Во время этой операции пришел доктор Белов.
– Я нужен? – спросил он.
Юлия Дмитриевна бросила на него грозный взгляд. Он робко подошел, вытянув шею, всматривался в раненого… На другом столе в обмывочной лежала женщина.
– Мальчика – в кригеровский одиннадцать, – сказал доктор сестре Смирновой, которая вошла за ним. – Женщину…
– Женщину не надо, – сказала Ольга Михайловна, военфельдшер, ассистировавшая у второго стола. Она сняла маску с лица женщины. Широкое, чуть скуластое славянское лицо. Соболиные брови. Прекрасный рот. На носу коричневая полоска от веснушек…
– Поздно, – сказал хирург.
Вдруг его бросило на другой стол, на мальчика, а мальчика бросило на пол, и упали все, кроме Юлии Дмитриевны, которая отлетела к двери перевязочной и удержалась, ухватившись за кованую вешалку для полотенца. Посыпалась со стен и потолка белая эмалевая краска. Кусок рамы откололся и ткнул Юлию Дмитриевну острым концом в висок.

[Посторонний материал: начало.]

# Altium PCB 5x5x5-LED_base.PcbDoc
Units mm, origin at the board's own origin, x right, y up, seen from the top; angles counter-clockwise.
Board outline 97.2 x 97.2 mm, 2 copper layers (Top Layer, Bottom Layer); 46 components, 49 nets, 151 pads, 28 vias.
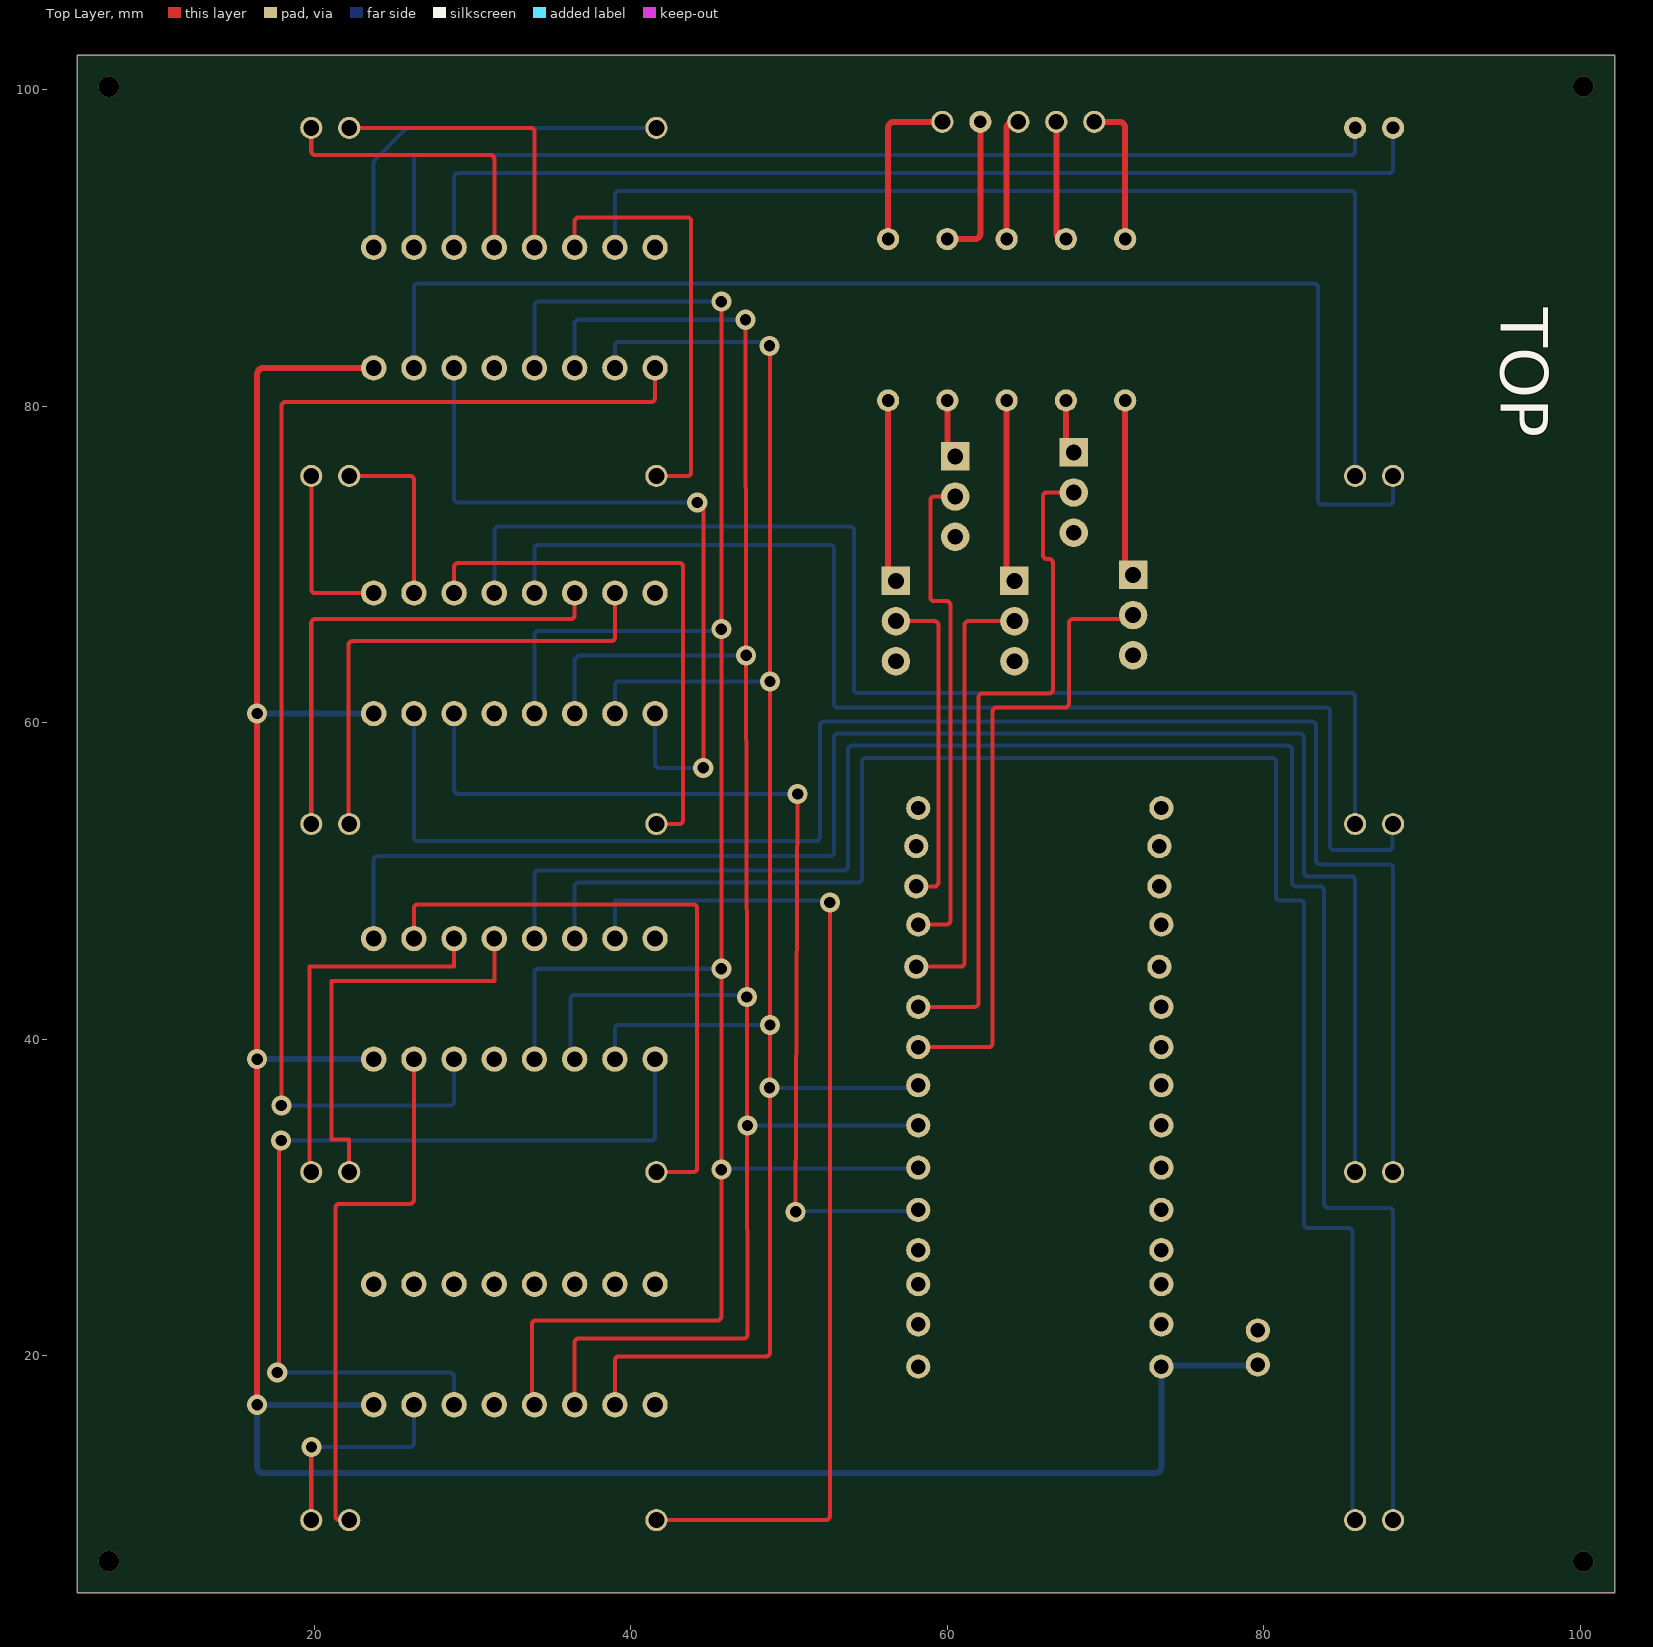
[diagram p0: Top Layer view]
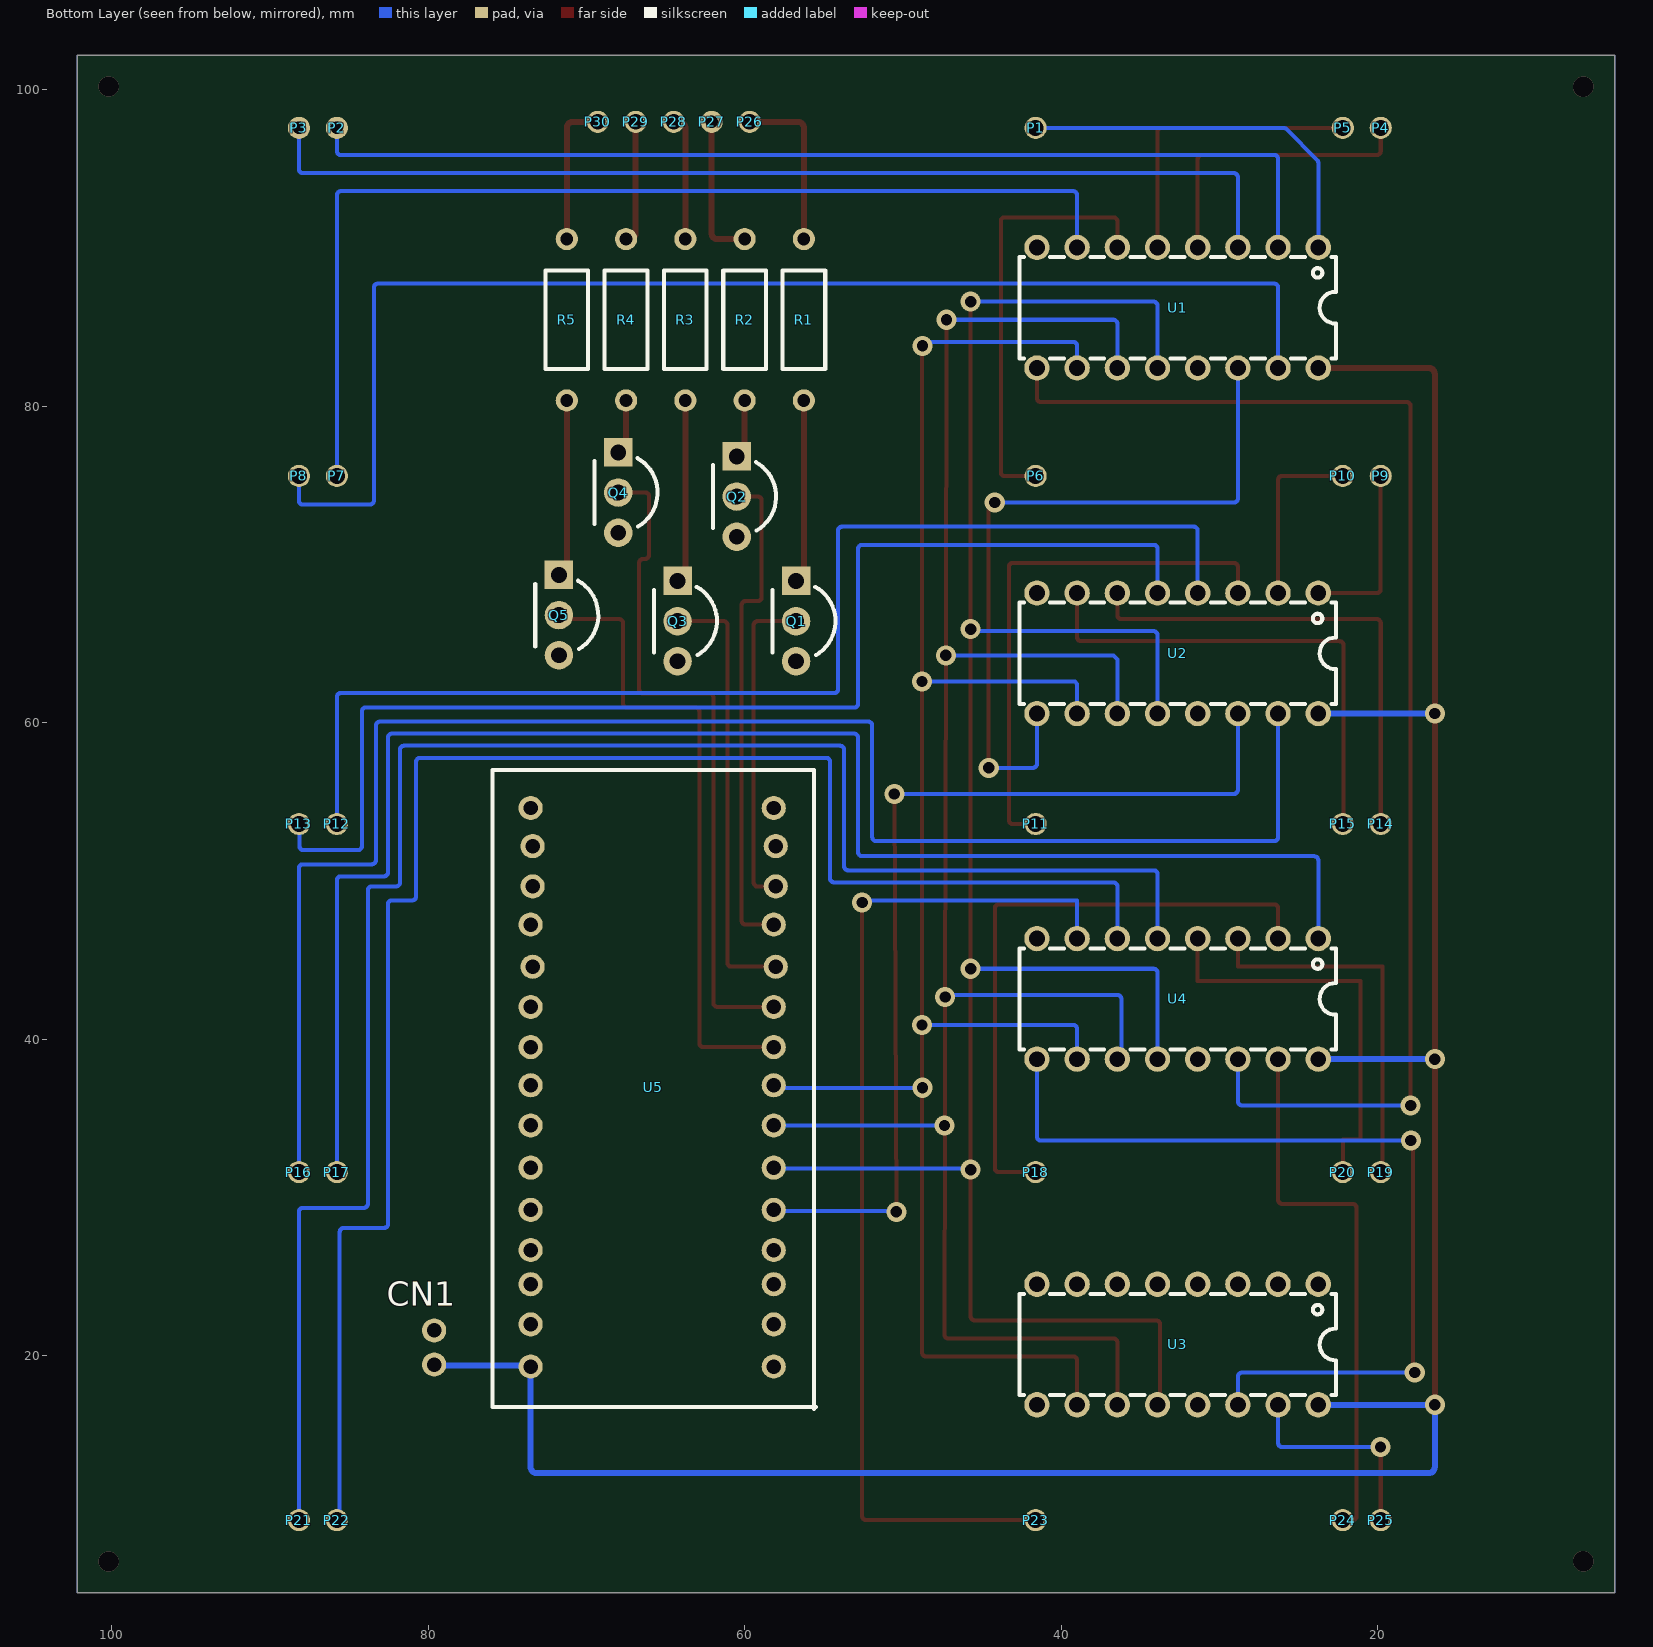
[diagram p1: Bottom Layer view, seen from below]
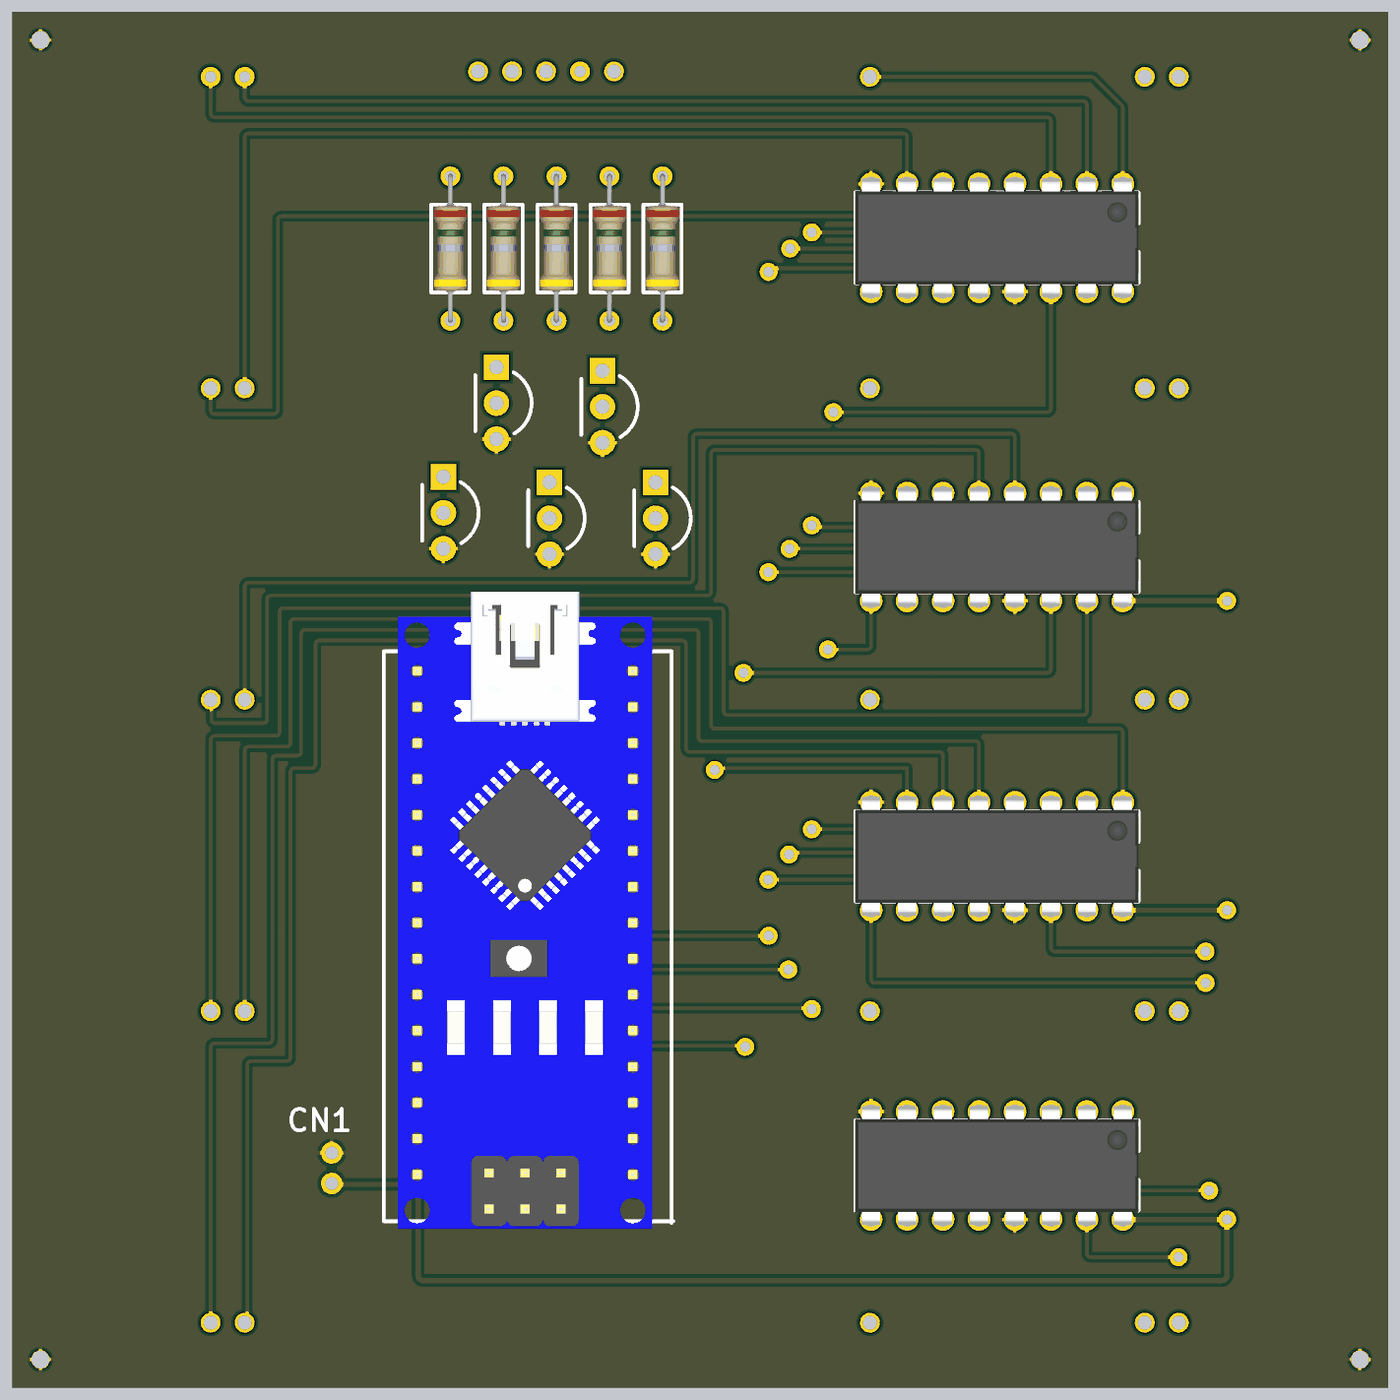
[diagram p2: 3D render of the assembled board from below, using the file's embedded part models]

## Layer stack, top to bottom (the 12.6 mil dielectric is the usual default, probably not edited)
Top Solder: solder mask 0.0102, Solder Resist, Dk 3.5
Top Layer: signal copper 0.0356
Dielectric 1: dielectric 0.32, FR-4, Dk 4.8
Bottom Layer: signal copper 0.0356
Bottom Solder: solder mask 0.0102, Solder Resist, Dk 3.5

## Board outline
5,5 102.198,5 102.198,102.198 5,102.198

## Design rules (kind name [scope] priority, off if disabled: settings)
Clearance [All] p1: gap=0.254 ignorepadtopadclearanceinfootprint=FALSE
PolygonConnect [All] p1: connectstyle=Relief reliefconductorwidth=0.254 reliefentries=4 polygonreliefangle="90 Angle" airgapwidth=0.254
RoutingVias [All] p1: holewidth=0.711 width=1.27 viastyle="Through Hole" minholewidth=0.711 minwidth=1.27 maxholewidth=0.711 maxwidth=1.27
SolderMaskExpansion [All] p1: expansion=0.102 istentingtop=FALSE
SupplyNets "Schematic Supply Nets_1" [InNet('GND')] p1: voltage=0.000
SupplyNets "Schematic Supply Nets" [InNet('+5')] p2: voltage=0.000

– Это очень близко где-то, – сказал доктор Белов.
– Очень, – поднимая мальчика, подтвердила Юлия Дмитриевна. – Я думаю, что это прямое попадание в наш поезд.
Бойцы Кострицын и Медведев вбежали в вагон-аптеку с двух концов, крича:
– Четырнадцатый вагон горит! Где начальник?
Начальник был уже на полотне и со всех ног бежал к горящему вагону.
Горело жарко – сухое дерево, сухая краска. Какое счастье, что в вагоне еще не было раненых. Цел ли персонал? Цел, цел: вон Надя – нагнулась, отплевывается… Кровь у нее на халате.
– Надя, ты что – ранена?
– Ой, что вы, товарищ начальник. Это я губу разбила об полку.
– А Кострицын жив?
– Жив, пошел за вами…
Вон он бежит, Кострицын. Ведро с водой в руке. Что тут сделаешь с ведром… И Медведев за ним.
А вон с другой стороны идут Кравцов и Низвецкий. Идут, словно у них колени перебитые.
– Живей, ребята, живей! – закричал доктор.
Низвецкий побежал рысью. Кравцов не прибавил шагу, приближался, засунув руки в карманы штанов.
– Тащи, ребята, воду, – волновался доктор. – Зовите всех, будем заливать.
– Где вода-то? – спросил Кравцов небрежно.
– Вода? В баках вода. В паровозе вода…
– Это ерунда, а не вода, – сказал Кравцов и вдруг заорал:
– Эй! Отцепляй вагон! Дураки, динама рядом, а они раззявили рот! Эй, милый, – сказал он, схватив за полу проходившего мимо смазчика, – помоги как специалист. Необходимо выключить вагончик.
– Еще чего! – сказал смазчик. – Сотни вагонов пропали, а я чепуху такую-растакую буду отцеплять.
– Необходимо, радость, – сказал Кравцов. – Тут раненые, тут – динама. Нет другого исхода, как отцепить.
– Матери вели отцеплять под бомбами, – сказал смазчик.
– А вот я тебе велю! – сказал Кравцов, выкатив глаза, и ударил смазчика по уху. Доктор оцепенел от неожиданности… Смазчик ударил Кравцова ногой в живот. Кравцов ударил смазчика по затылку. Смазчик еще раз выругался и полез отцеплять горящий вагон. Откуда-то явился кондуктор, запачканный землей; верно, лежал где-нибудь по соседству в воронке. Горящий вагон отвели подальше и стали заливать водой из паровоза.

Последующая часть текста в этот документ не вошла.